Cornelia Gerlach – Pionierin der Arktis
Konstanze hat mir dieses Buch vor einem Jahr mitgebracht, als wir uns in Frankfurt getroffen haben, da sie selbst es abgebrochen hatte und dachte, dass das Thema mir gefallen würde. Und inhaltlich hat das Buch so geklungen, als ob es genau meinem Beuteschema entsprechen müsste: Es geht darin um Josephine Peary, die ihren Mann Robert E. Peary im späten 19. Jahrhundert in die Arktis begleitet. Das war für eine Frau ihrer Zeit doch sehr ungewöhnlich und ich war gespannt darauf von ihren Erfahrungen zu lesen. Allerdings fand ich es ziemlich unangenehm zu lesen, wie Josephine Peary in ihren Tagebucheinträgen über die Inuit schreibt, nämlich herablassend, oft auch verächtlich, und das wieder und wieder. Sicher, Josephine Peary und die Männer der Expedition waren Kinder ihrer Zeit, aber dass Cornelia Gerlach das mit keinem Wort jemals kritisch kommentiert, fand ich zusätzlich schwierig.

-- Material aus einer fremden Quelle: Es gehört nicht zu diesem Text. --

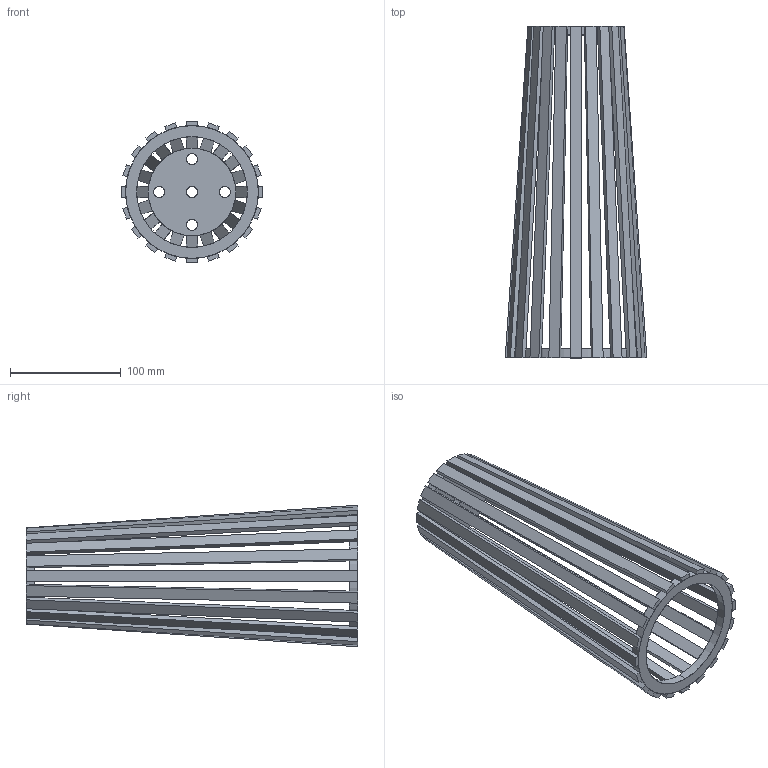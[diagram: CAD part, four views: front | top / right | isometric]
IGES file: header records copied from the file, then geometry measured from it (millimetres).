
Start section: SolidWorks IGES file using analytic representation for surfaces
Global section: file name: F:\GABRYSIA\MODELE 3D\_CAMELEON\KLOSZE I OPRAWY WWW\DOVER_8464_8463_WWW\DOVER_8464_8463.IGS; native system: SolidWorks 2017; preprocessor: SolidWorks 2017; author: Togambi; date: 200521.151201; units: millimetre
Bounding box: 128 x 300 x 128 mm (x, y, z)
Surface area: 194612.3 mm2 (no closed solid volume)
Topology: 0 solids, 0 shells, 140 faces, 1248 edges, 1248 vertices
Faces by surface type: bspline 124, revolution 16

Noch dazu hat mich das Buch auch nicht so sehr gefesselt, und als ich dann Lessons from the Arctic begonnen und festgestellt habe, wie Amundsen keine 15 Jahre später die Inuit so gänzlich anders betrachtet, hat mir das zusätzlich die Lust auf Gerlachs Buch genommen.
Oh ja, der Ton hatte mich auch zum Abbruch von „Pionierin der Arktis“ gebracht. Ich fand es ja noch erträglich, als sie wenig Kontakt zu den Inuit hatte, aber dass sie ihre abfällige Haltung beibehielt, obwohl sie schnell hätte merken müssen, dass sie nur dort mit Hilfe der Einheimischen überleben konnte, hat mich wütend gemacht.
Ja, mich hat es auch ganz am Anfang noch nicht so gestört, aber dann immer mehr.